For what it’s worth, there’s an open bug related to this error message:

I’m still shooting from the hip and don’t know what exactly is happening, so you can ignore the rest of this post, but my guess is that version 0.30.0 is unhappy about /etc/letsencrypt/renewal/ files generated by version 0.4.1’s certonly command.

Older versions used to create really long files specifying a bunch of useless default settings. Newer versions leave that stuff out.

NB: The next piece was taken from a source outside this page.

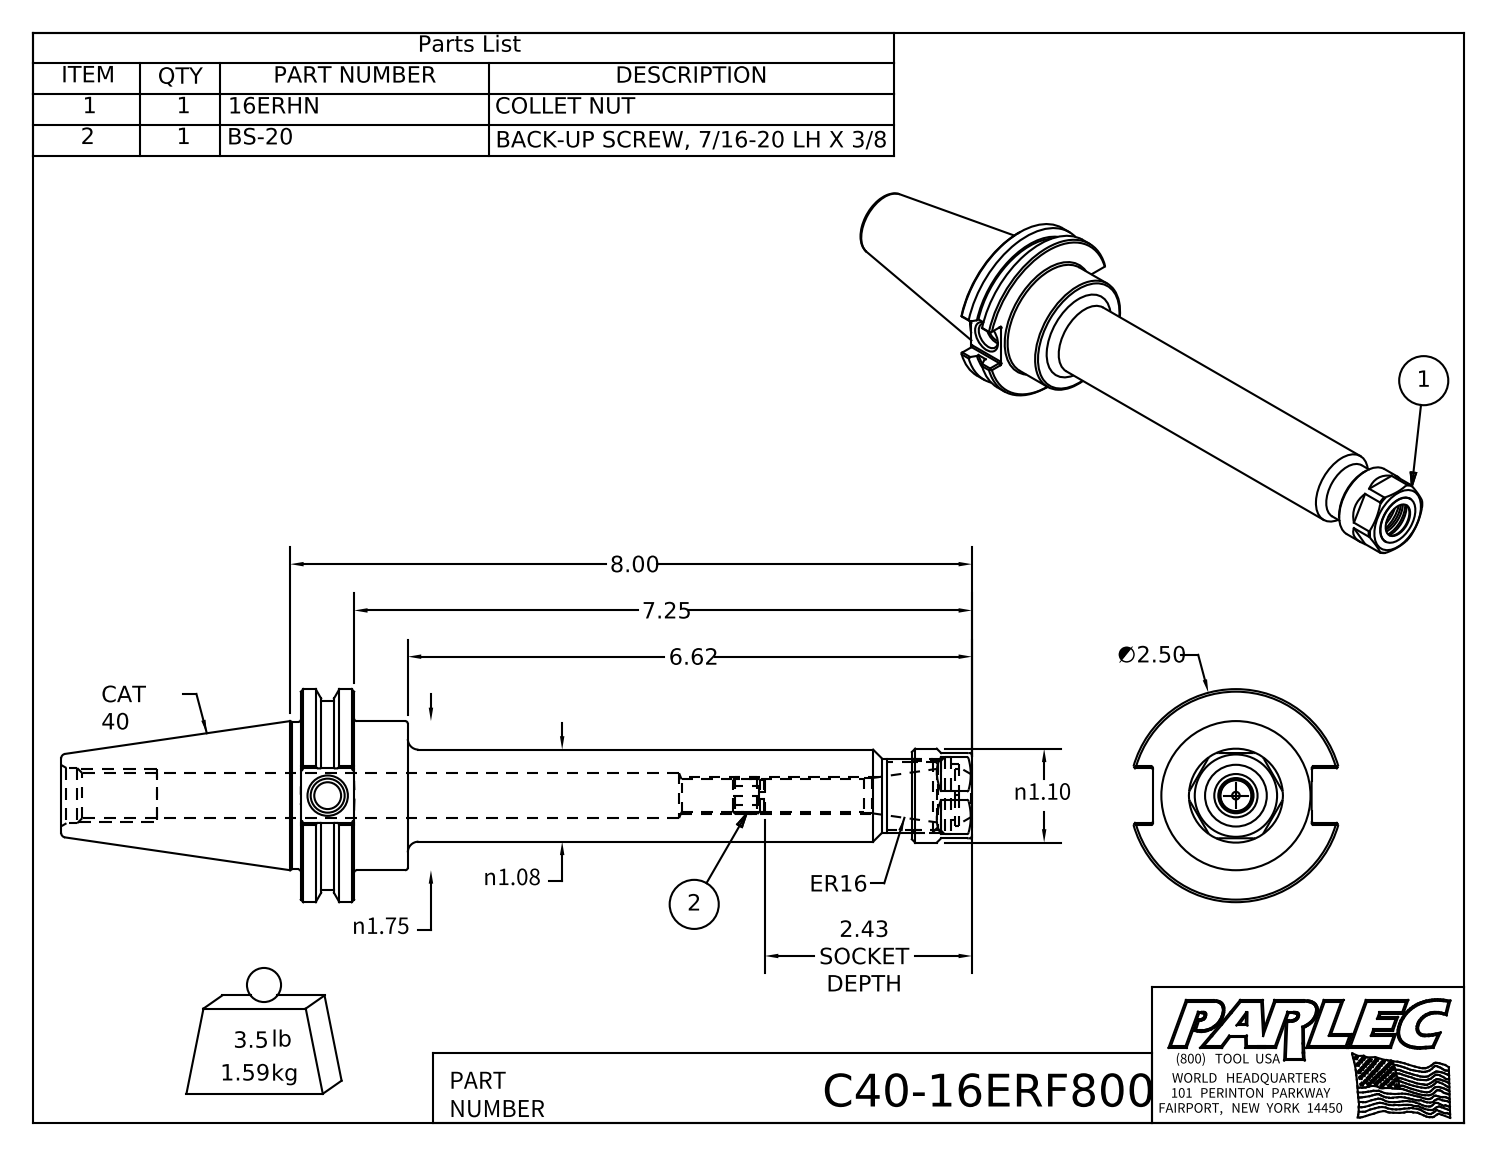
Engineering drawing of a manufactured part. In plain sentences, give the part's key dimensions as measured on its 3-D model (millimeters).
The part is named "C40-16ER8-1; 16ERHN; BS-20; C40-16ERF800". Its 3-D file was written by "Autodesk Inventor 2016 (AUTOMOTIVE_DESIGN)". It is 3 solids with 137 faces: 59 planar, 39 cylindrical and 39 other. Overall it measures 271.46 by 63.5 by 61.05 millimeters. Its volume is 199 558 cubic millimeters and its surface area 46 171 square millimeters. Round holes: 1 of diameter 2.29, 1 of diameter 8, 1 of diameter 9.73, 1 of diameter 10.13, 1 of diameter 10.5, 1 of diameter 12.4, 1 of diameter 13.38, 1 of diameter 13.39, 1 of diameter 16.46, 1 of diameter 17.02, 1 of diameter 20.5, 1 of diameter 23. Round bosses or shafts: 1 of diameter 63.5, 1 of diameter 56.36, 1 of diameter 44.45, 1 of diameter 43.94, 1 of diameter 28, 1 of diameter 27.43, 1 of diameter 22, 1 of diameter 10.97. Partial cylindrical surfaces (rounded edges, fillets, slot ends): 12 of radius 0.51, 1 of radius 7.24, 1 of radius 9. The main face-to-face distances are 15.88, 31.88, 16, 200.03, 184.15, 168.15, 25.14, 4.44, 20.7, 194.33. The hole center spacings are 1.52.

If it’s just a warning, I guess that’s okay. If it’s an error that would have prevented renewal, Certbot ought to work around it.


#6

I tried to clarify this message in the GH issue linked above, I’ll paste the comment here for convenience. TL;DR: This is a warning message, meaning it’s non-fatal. There wasn’t an actual error in OP message, Certbot was just telling that none of the certificates in fact needed to be renewed at the moment. The clarification comment below:

In contrary to the issue title, this is not an error , but a warning , meaning it’s non-fatal. Certbot has Installer specific functionality that gets run on renew verb, regardless of if a certificate needs to be renewed or not. This functionality is used for security enhancements like gradually increasing HSTS max-age value in Apache configuration, or refreshing the OCSP cache (upcoming).

That being said, automatically removing invalid values could cause some adverse side-effects, especially if we would be removing all invalid values (think of Apache plugin being temporarily unavailable due to a packaging issue), while user relies one of the security enhancement functionalities described above. We’ll have to think of how to resolve this - a solution might be just to make the warning message more descriptive and underlining the fact that it’s in fact non fatal.